NPS is a long term retirement savings scheme which builds up the pension wealth through effective investments of the subscriber contributions over the term of the subscriber’s continuation in the scheme. The greater the value of the contributions made, greater the investments achieved, the longer the term over which the fund accumulates and the lower the charges deducted, the larger would be the eventual benefit of the accumulated pension wealth likely to be. The subscriber can exit from NPS and withdraw the accumulated pension wealth in the following manner and no other exits or withdrawals are permitted:
For subscribers joining between 18-60 years:
- a. Upon attainment of age of 60 years: At least 40% of the accumulated pension wealth of the subscriber needs to be utilized for purchase of an annuity providing for the monthly pension of the subscriber and the balance (60%) is paid as a lump sum payment to the subscriber. If the total corpus is not exceeding Rs. 2 lacs, then the subscriber has the option to withdraw the whole corpus in lumpsum.
- b. Upon Death (irrespective of cause): The entire accumulated pension wealth (100%) would be paid to the nominee / legal heir of the subscriber and there would not be any purchase of annuity/monthly pension. The nominee, if so wishes, has the option to purchase annuity of the total corpus.
- c. Exit from NPS before attainment of age of 60 years (irrespective of cause): At least 80% of the accumulated pension wealth of the subscriber needs to be utilized for purchase of an annuity providing for the monthly pension of the subscriber and the balance (20%) is paid as a lump sum payment to the subscriber. If the total corpus is not exceeding Rs. 1 lac, then the subscriber has the option to withdraw the whole corpus in lumpsum. Subscriber can exit from NPS only after completion of minimum 10 years in NPS.

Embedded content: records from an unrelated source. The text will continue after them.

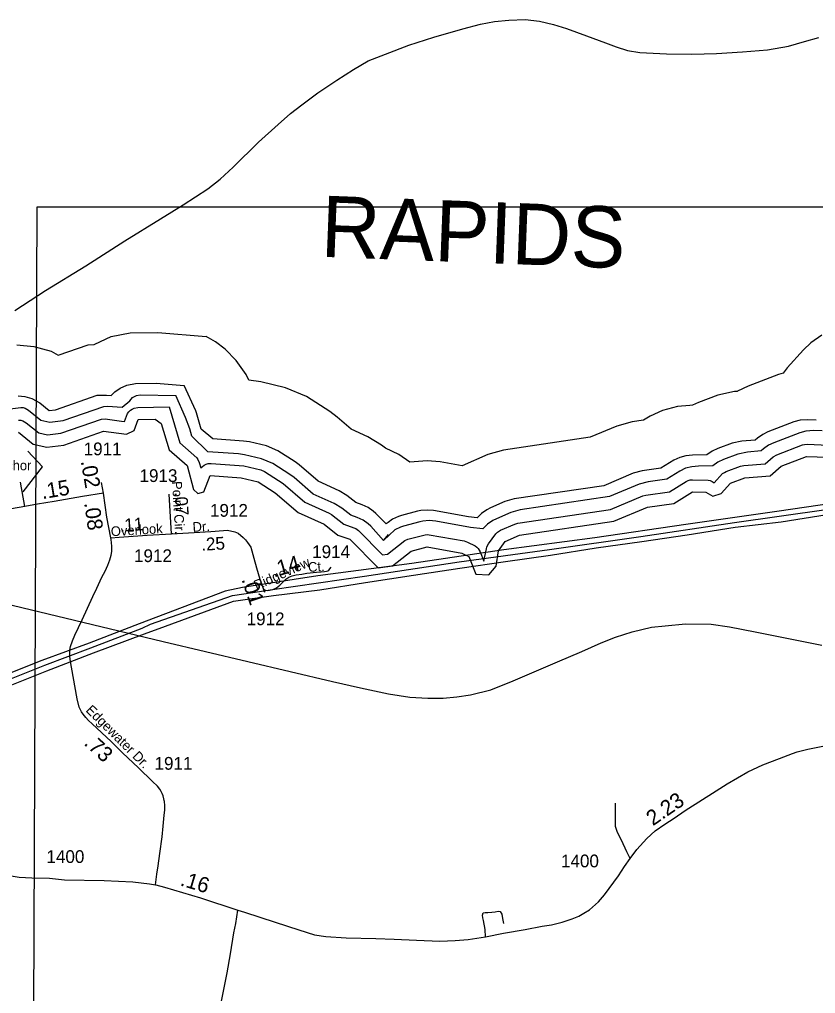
# Model space of a CAD drawing. Extents: x 2290615 to 2522933, y 819489 to 1012715.
# Drawn here: x 2369757 to 2377563, y 989250 to 998796 of the extents above; entities that cross this region are included whole.
import ezdxf

# ---------------------------------------------------------------- set-up
doc = ezdxf.new("R2010")
doc.units = 0
for name, color, linetype in [('Exist Boundary Political CountyLine', 7, 'Continuous'), ('Exist Hydrographic Buffer Line', 7, 'Continuous'), ('Exist Hydrographic Lake Shore', 7, 'Continuous'), ('Exist Hydrographic Lake Shore Label', 7, 'Continuous'), ('Exist Railroad Mainline', 7, 'Continuous'), ('Exist Road Non-System Type 51', 7, 'Continuous'), ('Exist Road Secondary Mileage Hundredths English Label', 7, 'Continuous'), ('Exist Road Secondary Mileage Tenths English Label', 7, 'Continuous'), ('Exist Road Secondary Type 51 Attributed', 7, 'Continuous'), ('Exist Road Secondary Type 51 Label', 7, 'Continuous'), ('Exist Road Secondary Type 51 Number Label', 7, 'Continuous'), ('Exist Utilities Electrical Transmission Line', 7, 'Continuous'), ('Map Preparation Inset Cut Line', 7, 'Continuous')]:
    doc.layers.add(name, color=color, linetype=linetype)

msp = doc.modelspace()

# ---------------------------------------------------------------- linework, layer by layer
at = {"layer": 'Exist Boundary Political CountyLine'}
for points in [[(2369710.1, 995942.3), (2370010.3, 996138.7), (2370406.5, 996381.2), (2370788.7, 996625.1), (2371140, 996843.6), (2371362.5, 996978.9), (2371602.3, 997134.8), (2371726.4, 997230), (2371853.6, 997349.3), (2372101.7, 997593.6), (2372294.7, 997767.7), (2372414.3, 997874.7), (2372526.9, 997959.3), (2372684.2, 998077.9), (2372869.2, 998201.6), (2373031.1, 998304.3), (2373177.6, 998390.4), (2373345, 998455.3), (2373573.5, 998544.7), (2373820.4, 998622.9), (2374105.3, 998704.7), (2374277.5, 998749.8), (2374414.5, 998775.5), (2374554.1, 998789.2), (2374715.9, 998795.9), (2374856.6, 998779.6), (2374994, 998747.3), (2375119.7, 998708.4), (2375316.8, 998636.5), (2375503.7, 998568.1), (2375609.4, 998528.4)], [(2375609.4, 998528.4), (2375721, 998491), (2375839.8, 998473.8), (2376100.5, 998460.6), (2376350.8, 998456.8), (2376590.7, 998462.7), (2376846.3, 998477.2), (2377091.5, 998499.3), (2377298.2, 998535.8), (2377454.4, 998580.3), (2377594.9, 998620.1)]]:
    msp.add_lwpolyline(points, dxfattribs=at)
at = {"layer": 'Exist Hydrographic Buffer Line'}
for points in [[(2369731.9, 995605.8), (2369897, 995591.1), (2370068.3, 995545.2), (2370136.9, 995506.4), (2370429, 995608.1), (2370488.4, 995609.4), (2370496.1, 995614.7), (2370656.5, 995688.9), (2370843.7, 995723.7), (2371112.6, 995729.4), (2371588.6, 995687.4)], [(2373585, 994457.3), (2373475.7, 994533.6), (2373345.5, 994594.7), (2373307.2, 994624.8), (2373171.9, 994707), (2373011.1, 994780), (2372871.3, 994899.6), (2372798.9, 994953.2), (2372571.2, 995099.6), (2372364.4, 995187.2), (2372123.9, 995243.5), (2372005.5, 995261.2), (2371979.2, 995317.8), (2371882.9, 995454.8), (2371773.2, 995564.8), (2371680.5, 995635.1), (2371588.6, 995687.4)], [(2377625.4, 995700.7), (2377518.6, 995626.3), (2377446.7, 995557.4), (2377286.7, 995383.5), (2377247.4, 995330.3), (2377201, 995317.9), (2376903.5, 995203.8), (2376799.1, 995153.8), (2376794.9, 995150.8), (2376767.6, 995148.6), (2376606.4, 995113), (2376415.2, 995042.3), (2376356.7, 995014.9), (2376331.8, 995014.3), (2376208.4, 995003.8), (2376064.1, 994965.3), (2375942.7, 994908.5), (2375877.8, 994868.6), (2375763.9, 994852.3), (2375616.3, 994811.4), (2375354.8, 994702.2), (2374504.9, 994576.5), (2374351.1, 994532.4), (2374098.4, 994421.9)], [(2369743.1, 995106.3), (2369810.1, 995100.3), (2369878.9, 995081.9), (2369956.3, 995038.2), (2370048, 994964), (2370110.6, 994971.5), (2370518.4, 995113.4), (2370610.1, 995115.5), (2370655.7, 995109.4), (2370692.5, 995146.4), (2370744, 995182.3), (2370808.5, 995212.1), (2370894.7, 995228.2), (2371096, 995232.4), (2371370.4, 995208.2)], [(2373353.4, 993852.4), (2373250.5, 993955.8), (2373226.9, 993977.8), (2373175.2, 994013.9), (2373118.6, 994040.4), (2373053.8, 994063.1), (2372965.8, 994132.3), (2372892, 994177.1), (2372686.6, 994270.4), (2372498.3, 994431.5), (2372458.8, 994460.8), (2372290.8, 994568.7), (2372178.2, 994616.4), (2372011.3, 994655.5), (2371953.7, 994664.1), (2371652.7, 994684.6), (2371540.1, 994781.5), (2371491.9, 994941), (2371485.6, 994960.5), (2371370.4, 995208.2)], [(2369554.4, 994965.5), (2369771, 994994.6), (2369791.7, 994992.8), (2369812, 994987.3), (2369846.4, 994967.9), (2369967.6, 994869.8), (2370054.4, 994850.1), (2370186.4, 994866), (2370583.2, 995004.1), (2370619.7, 995004.9), (2370764.9, 994995.7), (2370839.9, 995058.4), (2370851.8, 995075.5), (2370866.6, 995090.4), (2370883.8, 995102.4), (2370902.9, 995111.2), (2370941.4, 995118.4), (2371291.3, 995110.6)], [(2373327.6, 993690.3), (2373201.3, 993830.1), (2373177.7, 993852.1), (2373126.1, 993888.2), (2373069.5, 993914.7), (2373004.7, 993937.4), (2372916.7, 994006.6), (2372842.9, 994051.4), (2372637.4, 994144.7), (2372449.2, 994305.8), (2372409.6, 994335.1), (2372241.7, 994443), (2372129.1, 994490.7), (2371962.2, 994529.8), (2371904.6, 994538.4), (2371603.5, 994558.9), (2371445.8, 994710.7), (2371428.1, 994785.3), (2371385.4, 994895.5), (2371291.3, 995110.6)], [(2369748.4, 994870.3), (2369769.1, 994868.4), (2369789.4, 994863), (2369823.8, 994843.5), (2369945, 994745.5), (2370031.8, 994725.7), (2370163.8, 994741.6), (2370560.6, 994879.7), (2370597.1, 994880.5), (2370757.4, 994859.1), (2370785.9, 994855.3), (2370817.3, 994934), (2370829.2, 994951.2), (2370844, 994966), (2370861.2, 994978), (2370880.3, 994986.8), (2370918.8, 994994), (2371223.6, 995000.5)], [(2371223.6, 995000.5), (2371330.4, 994645.8), (2371494.4, 994501.5), (2371506.3, 994484.4), (2371518.4, 994455.1), (2371536.2, 994402.4), (2371568.2, 994429.3), (2371587.3, 994438.1), (2371607.6, 994443.5), (2371636.5, 994445.1), (2371956.6, 994421.7), (2372123.5, 994382.6), (2372161, 994366.8), (2372342.3, 994249.1), (2372556.4, 994065.9), (2372792.8, 993958.5), (2372817.6, 993943.6), (2372936.7, 993849.8), (2373036.4, 993814.9), (2373055.3, 993806), (2373080.3, 993786.7), (2373317.3, 993548.3), (2373366.3, 993554.9), (2373536.3, 993689.7), (2373565, 993701.6), (2373733.6, 993746.5), (2373754.3, 993748.2), (2373775.6, 993746.4), (2374117.6, 993685.1), (2374149, 993674.6), (2374224.3, 993637.5), (2374241.5, 993625.5), (2374256.2, 993610.6), (2374275.7, 993577.6), (2374311, 993488.8)], [(2377571.3, 994870.2), (2377488.9, 994873.2), (2377412.8, 994868), (2377352.1, 994851.8), (2377097.2, 994754.1), (2377046.4, 994729.7), (2376994.7, 994693.7), (2376972.4, 994674.2), (2376840.3, 994663.6), (2376744.5, 994642.4), (2376604.5, 994590.7), (2376549.3, 994564.7), (2376497.9, 994528.7), (2376358.2, 994525.5), (2376292.8, 994519.9), (2376232.1, 994503.7), (2376175.3, 994477.2), (2376047.8, 994398.6), (2375864.3, 994372.4), (2375776.5, 994348.1), (2375487, 994227.1), (2374608.5, 994097.2), (2374517.3, 994071.1), (2374376.4, 994009.5), (2374340.3, 993991.3), (2374288.8, 993955.2), (2374244.6, 993910.9), (2374159.9, 993921.2)], [(2377628.2, 994763.5), (2377545.7, 994766.6), (2377469.7, 994761.4), (2377409, 994745.2), (2377154.1, 994647.5), (2377103.2, 994623.1), (2377051.6, 994587.1), (2377029.2, 994567.6), (2376897.1, 994556.9), (2376801.4, 994535.8), (2376661.3, 994484), (2376606.2, 994458.1), (2376554.7, 994422.1), (2376415.1, 994418.8), (2376349.7, 994413.3), (2376289, 994397.1), (2376232.2, 994370.5), (2376104.6, 994292), (2375921.1, 994265.8), (2375833.3, 994241.5), (2375543.8, 994120.5), (2374665.4, 993990.6), (2374574.1, 993964.4), (2374433.2, 993902.8), (2374397.2, 993884.7), (2374345.7, 993848.6), (2374301.4, 993804.3), (2374181.3, 993817.5)], [(2374311, 993488.8), (2374336, 993609), (2374341.5, 993629.2), (2374357.1, 993658.4), (2374428.3, 993756.6), (2374443, 993771.5), (2374472.4, 993789.5), (2374613.2, 993851.1), (2374643.8, 993859.8), (2375551.8, 993994.1), (2375869, 994126.6), (2375898.3, 994134.8), (2376131.6, 994168.1), (2376295.3, 994269.4), (2376314.4, 994278.2), (2376334.7, 994283.6), (2376356.4, 994285.5), (2376509.1, 994282.5), (2376529.2, 994277), (2376549.5, 994267.4), (2376570.5, 994255.2), (2376652.1, 994344.9), (2376669.3, 994356.9), (2376687.7, 994365.5), (2376827.8, 994417.3), (2376859.6, 994424.4), (2377070.4, 994441.3), (2377149.1, 994509.9), (2377183.4, 994530), (2377434.3, 994626.3), (2377454.6, 994631.7), (2377479.9, 994633.4), (2377688.8, 994625.6)], [(2374098.4, 994421.9), (2373881.8, 994460.8), (2373754.7, 994472), (2373585, 994457.3)], [(2374159.9, 993921.2), (2373817.8, 993982.6), (2373754.3, 993988.2), (2373691.7, 993982.8), (2373660.6, 993975.9), (2373502.5, 993933.3), (2373473.1, 993924), (2373416.3, 993897.4), (2373370.8, 993866.4), (2373353.4, 993852.4)], [(2374181.3, 993817.5), (2373839.3, 993879), (2373775.7, 993884.6), (2373713.2, 993879.2), (2373682, 993872.3), (2373523.9, 993829.6), (2373494.6, 993820.4), (2373437.8, 993793.8), (2373327.6, 993690.3), (2373374.8, 993748.7)]]:
    msp.add_lwpolyline(points, dxfattribs=at)
at = {"layer": 'Exist Hydrographic Lake Shore'}
msp.add_lwpolyline([(2369748.4, 994750.2), (2369891.3, 994634.7), (2370025.2, 994604), (2370191.3, 994624), (2370581.3, 994761.6), (2370807.3, 994731.4), (2370881.3, 994767.3), (2370921.3, 994874.1), (2371088.2, 994877.6), (2371147.2, 994837.4), (2371225.4, 994578), (2371402.3, 994424.4), (2371464.3, 994190.5), (2371506.3, 994149.6), (2371564.3, 994165.1), (2371628.3, 994325.3), (2371929.3, 994304.8), (2372096.2, 994265.8), (2372264.4, 994157.9), (2372491.4, 993963.7), (2372743.4, 993849.2), (2372878.3, 993743.2), (2372995.4, 993702.1), (2373274.2, 993421.4), (2373415.3, 993440.3), (2373596.4, 993585.7), (2373754.3, 993628.3), (2374096.3, 993566.8), (2374164.4, 993533.5), (2374233.3, 993359), (2374358.4, 993354.4), (2374431.4, 993439.5), (2374454.3, 993588.2), (2374520.3, 993679.5), (2374661.2, 993741), (2375584.4, 993877.6), (2375915.3, 994016), (2376173.3, 994052.8), (2376355.4, 994165.4), (2376488.2, 994164.3), (2376555.3, 994124.4), (2376638.3, 994150.8), (2376729.4, 994253), (2376869.2, 994304.7), (2377119.4, 994324.9), (2377226.2, 994417.9), (2377475.4, 994513.5), (2377684.3, 994505.7)], dxfattribs=at)
at = {"layer": 'Exist Railroad Mainline'}
msp.add_lwpolyline([(2368905.8, 993240.8), (2371166.6, 992698.7), (2372825.4, 992308.9), (2373102.4, 992246.6), (2373374.9, 992188.2), (2373585.5, 992153), (2373761.6, 992143.4), (2373911.4, 992145.4), (2374047.4, 992157.2), (2374179.1, 992176.8), (2374378.4, 992225.4), (2374599.1, 992314.3), (2375032.6, 992502.1), (2375271.2, 992603.3), (2375462.1, 992687.8), (2375603.2, 992743.7), (2375764.6, 992795.7), (2375953.9, 992840.4), (2376089.8, 992854.1), (2376289.5, 992872.8), (2376539.4, 992870), (2376719.8, 992844.4), (2376970.3, 992795.9), (2377624.1, 992664.5)], dxfattribs=at)
at = {"layer": 'Exist Road Non-System Type 51'}
for points in [[(2375744.4, 990572.2), (2375711.3, 990639.4), (2375659.5, 990752.3), (2375622.7, 990828.3), (2375600.8, 990887), (2375602, 990987.9), (2375602, 991060.5), (2375603.1, 991115.8)], [(2374328.5, 989806.5), (2374324.7, 989878.3), (2374308.6, 989964.7), (2374301.7, 989993.4), (2374298.3, 990018.8), (2374305.2, 990040.7), (2374324.7, 990045.3), (2374351.2, 990044.1), (2374389.2, 990046.4), (2374421.4, 990052.2), (2374450.2, 990055.6), (2374469.8, 990053.3), (2374485.9, 990029.2), (2374492.8, 989985.4), (2374502, 989935.9)]]:
    msp.add_lwpolyline(points, dxfattribs=at)
at = {"layer": 'Exist Road Secondary Type 51 Attributed'}
for p, q in [((2369809.5, 994023.5), (2369766, 994262.5)), ((2371248.3, 993754.7), (2371225.5, 994143.8))]:
    msp.add_line(p, q, dxfattribs=at)
for points in [[(2370579.3, 994155.2), (2370561.5, 994259.7)], [(2370579.3, 994155.2), (2370374.9, 994120.1), (2370095.7, 994071.9), (2369932.5, 994044.7), (2369809.5, 994023.5)], [(2370651.5, 993715.9), (2370613.9, 993919), (2370579.3, 994155.2)], [(2369809.5, 994023.5), (2369545.1, 993977.8), (2369403.9, 993953.7), (2369334.9, 993939.1), (2369279.4, 993924.4), (2369158.7, 993896.2), (2368774.9, 993778), (2368420.8, 993661.9), (2368164.9, 993580.4), (2368022.6, 993534.4), (2367853.7, 993481)], [(2370651.5, 993715.9), (2370734.5, 993722.7), (2371009.9, 993741), (2371248.3, 993754.7)], [(2371261.7, 993755.5), (2371248.3, 993754.7), (2371468.5, 993768.5), (2371633.7, 993778.6), (2371757.6, 993787.8), (2371793.4, 993789.7), (2371824.7, 993785.1), (2371867.8, 993775), (2371900.8, 993760.3), (2371951.6, 993720.2), (2371974.5, 993696.3), (2371993.8, 993668.8), (2372025.9, 993622.8), (2372056.2, 993515.4), (2372080.1, 993422.6), (2372115, 993311.5), (2372146, 993218.3)], [(2371090.5, 990315.2), (2371104.2, 990420.6), (2371116.2, 990499.9), (2371132.2, 990623.6), (2371154.9, 990786.4), (2371167, 990890.7), (2371177, 990998.8), (2371181, 991048.3), (2371181, 991072.4), (2371181, 991102.5), (2371180.3, 991120.5), (2371180.3, 991131.2), (2371177, 991142.6), (2371172.3, 991158), (2371164.3, 991189), (2371156.3, 991211.1), (2371145.6, 991230.5), (2371132.9, 991251.2), (2371110.2, 991281.3), (2371062.7, 991329.4), (2370924.5, 991460.9), (2370765.5, 991609.8), (2370722.1, 991653.2), (2370655.2, 991719.4), (2370469.7, 991891.6), (2370434.3, 991925), (2370406.9, 991955.1), (2370381.5, 991986.5), (2370365.5, 992011.3), (2370343.5, 992055.8), (2370323.4, 992139.4), (2370266.7, 992447.8), (2370252.7, 992522), (2370250, 992559.5), (2370251.3, 992590.2), (2370250, 992614.1), (2370258, 992649.6), (2370277.4, 992707.1), (2370299.4, 992761.7), (2370370.2, 992912.2), (2370477.1, 993140.4), (2370516.5, 993222.6), (2370565.9, 993330.6), (2370596, 993390.8), (2370622, 993447.7), (2370642.7, 993499.4), (2370650.7, 993522.8), (2370656.7, 993546.9), (2370662.7, 993582.3), (2370663.4, 993603.1), (2370663.4, 993633.8), (2370654.7, 993698.7), (2370651.5, 993715.9)], [(2372146, 993218.3), (2372162.6, 993204.3), (2372172.5, 993201.4), (2372188.6, 993200.3), (2372208.9, 993201.4), (2372223.9, 993205.5), (2372240.6, 993209.5), (2372263.2, 993218.8), (2372277.6, 993227.4), (2372309.4, 993253.5), (2372333.1, 993274.3), (2372353.3, 993294.5), (2372368.3, 993309.5), (2372379.3, 993318.2), (2372399, 993330.3), (2372432.5, 993343.1), (2372470, 993352.9), (2372524.6, 993361.4), (2372576, 993369), (2372669.1, 993379.4), (2372715.3, 993382.3), (2372747.6, 993386.3), (2372766.1, 993388.6), (2372780.6, 993393.2), (2372789.2, 993399), (2372814.4, 993428)], [(2372146, 993218.3), (2372158.1, 993182)], [(2371898.9, 990068), (2371964, 990046.4), (2372264.8, 989950.2), (2372496.9, 989875.8), (2372650.1, 989825.1), (2372761.7, 989807.3), (2372961.1, 989796.8), (2373252.7, 989787.9), (2373429.9, 989782), (2373651.6, 989771.6), (2373877.7, 989764.1), (2374028, 989768.6), (2374155.9, 989780.5), (2374328.5, 989806.5), (2374502.6, 989841.5), (2374716.9, 989878.5), (2374883.6, 989909.7), (2374972.8, 989924.6), (2375080, 989949.9), (2375176.7, 989982.7), (2375240.6, 990009.5), (2375292.7, 990036.3), (2375347.8, 990070.5), (2375433.6, 990148.5), (2375493.1, 990218.5), (2375630, 990403.1), (2375691, 990495.4), (2375744.4, 990572.2), (2375811.5, 990662.2), (2375909.3, 990768.7), (2375991.1, 990843.1), (2376086.3, 990908.6), (2376175.6, 990969.6), (2376284.2, 991044.1), (2376588.6, 991237), (2376697.2, 991305.5), (2376798.3, 991363.5), (2376901, 991423.1), (2377046.1, 991491.4), (2377211.3, 991552.4), (2377336.3, 991601.5), (2377383.9, 991617.9), (2377434.1, 991632.2), (2377489.3, 991644.9), (2377667.4, 991681.5)], [(2366270.2, 990406), (2366469.5, 990395.2), (2366686, 990396.8), (2367172.5, 990508.5), (2367402, 990550.1), (2367707, 990581.4), (2367949.5, 990615.6), (2368279.1, 990627.6), (2368414.5, 990617.2), (2369755.2, 990391.2), (2369878.6, 990382.3), (2370052.7, 990379.3), (2370198.9, 990364.6), (2370588.6, 990357.2), (2370868.4, 990345.3), (2371031.5, 990325.3), (2371090.5, 990315.2)], [(2371090.5, 990315.2), (2371094.4, 990314.6), (2371179.3, 990293.1), (2371531.1, 990187.8), (2371898.9, 990068)], [(2371719, 989078), (2371794.8, 989453.1), (2371826, 989637.7), (2371860.3, 989844.7), (2371878.1, 989937), (2371898.9, 990068)]]:
    msp.add_lwpolyline(points, dxfattribs=at)
at = {"layer": 'Exist Road Secondary Type 51 Number Label'}
msp.add_lwpolyline([(2369794.4, 994166.3), (2369983.7, 994412.1), (2369838.7, 994565.2)], dxfattribs=at)
at = {"layer": 'Exist Utilities Electrical Transmission Line'}
for points in [[(2378100.8, 994108.6), (2377206.6, 993978.8), (2376292.5, 993846.7), (2375398.5, 993716.9), (2374506.1, 993596.9), (2373604, 993465), (2372683.8, 993342.9), (2371943.5, 993229), (2371774, 993194.8), (2370930.3, 992873.7), (2370438.9, 992685.2), (2369975.2, 992515.1), (2369503.7, 992326.8)], [(2369526.5, 992279.1), (2370003.8, 992467.4), (2370457.5, 992637.4), (2370958.9, 992830.1), (2371042.3, 992869.1), (2371846.4, 993151.8), (2372044.1, 993180.5), (2372237.7, 993209.1), (2372690.6, 993274.9), (2373141.8, 993340.9), (2374067.8, 993481.3), (2374954, 993600.9), (2375850.1, 993728.9), (2376770.2, 993866.9), (2377666.4, 993994.9)], [(2369549.2, 992223.4), (2370024.5, 992411.6), (2370482.2, 992587.7), (2370983.5, 992776.5), (2371188.6, 992851.1), (2371857.2, 993094), (2372246.3, 993149.2), (2372701.6, 993207.1), (2373150.5, 993279), (2373619.5, 993349.4), (2374076.6, 993417.4), (2374521.6, 993483.3), (2374962.8, 993547.1), (2375413.7, 993619.1), (2375858.9, 993681), (2376303.8, 993746.9), (2376774.9, 993819.1), (2377228, 993873.2), (2377677.1, 993945.1)]]:
    msp.add_lwpolyline(points, dxfattribs=at)
at = {"layer": 'Map Preparation Inset Cut Line'}
msp.add_lwpolyline([(2369931.7, 996959.3), (2400125.8, 996959.3), (2403337.9, 985770.4), (2415972.3, 978275.4), (2416025.8, 958413.7), (2369771.1, 958413.7)], close=True, dxfattribs=at)

# ---------------------------------------------------------------- texts
at = {"layer": 'Exist Hydrographic Lake Shore Label'}
msp.add_text('RAPIDS', height=600, rotation=357.80139, dxfattribs=at).set_placement((2372705.2, 996470.9))
at = {"layer": 'Exist Road Secondary Mileage Hundredths English Label'}
msp.add_text('2.23', height=150, rotation=34.42716, dxfattribs=at).set_placement((2375968.2, 990888.1))
at = {"layer": 'Exist Road Secondary Mileage Tenths English Label'}
for s, height, rotation, p in [('.02', 150, 279.68034, (2370357.8, 994466.7)), ('.15', 150, 9.46645, (2369981.7, 994094.5)), ('.07', 125, 273.35181, (2371278.5, 994162.9)), ('.08', 150, 278.34262, (2370390.4, 994056.5)), ('.11', 125, 3.81582, (2370743.5, 993775.8)), ('.25', 125, 3.61025, (2371543.3, 993588.1)), ('.14', 150, 16.11195, (2372251.7, 993326.5)), ('.01', 150, 288.42682, (2371933.2, 993308.1)), ('.73', 150, 317.13943, (2370381.9, 991694.4)), ('.16', 150, 343.32809, (2371325.1, 990310.6))]:
    msp.add_text(s, height=height, rotation=rotation, dxfattribs=at).set_placement(p)
at = {"layer": 'Exist Road Secondary Type 51 Label'}
msp.add_text('Anchor', height=95, dxfattribs=at).set_placement((2369470.8, 994378.3))
for s, rotation, p in [('Point Cir.', 273.35179, (2371252.8, 994269.2)), ('Overlook', 3.49886, (2370655.6, 993730.7)), ('Dr.', 3.49886, (2371457.1, 993773.6)), ('Ridgeview ', 24.25834, (2372081.9, 993201.7)), ('Ct.', 3.49886, (2372589.7, 993380.8)), ('Edgewater Dr.', 315.27481, (2370401, 992019.8))]:
    msp.add_text(s, height=95, rotation=rotation, dxfattribs=at).set_placement(p)
at = {"layer": 'Exist Road Secondary Type 51 Number Label'}
for s, p in [('1911', (2370386.4, 994525.1)), ('1913', (2370934.1, 994263.1)), ('1912', (2371625.1, 993922.5)), ('1914', (2372627.3, 993517.5)), ('1912', (2370880, 993478.2)), ('1912', (2371984.3, 992859.6)), ('1911', (2371081.2, 991443.2)), ('1400', (2370021.3, 990529.6)), ('1400', (2375067.4, 990486.7))]:
    msp.add_text(s, height=125, dxfattribs=at).set_placement(p)

doc.saveas('drawing.dxf')

For subscribers joining between 60-65 years: The exit conditions for subscribers joining the NPS beyond the age of 60 years in the NPS –Private Sector will be as under:
- a. Normal exit: The subscriber exiting after completion of 3 years from the date of joining NPS. In the normal exit, the subscriber will be required to annuitize at least 40% of the corpus for purchase of annuity and the remaining corpus can be withdrawn in lump sum. In case the accumulated corpus at the time of exit is equal or less than Rs. 2 lacs, the subscriber will have the option to withdraw the entire corpus in lump sum.
- b. Premature Exit: Any exit before completion of 3 years will be treated as premature exit. In such case, the subscriber will be required to annuitize at least 80% of the corpus for purchase of annuity and the remaining corpus can be withdrawn in lump sum. In case the accumulated corpus at the time of exit is equal or less than Rs. 1 lac , the subscriber will have the option to withdraw the entire corpus in lump sum.
- c. Exit due to the death of the subscriber: The entire corpus shall be payable to the nominee of the subscriber.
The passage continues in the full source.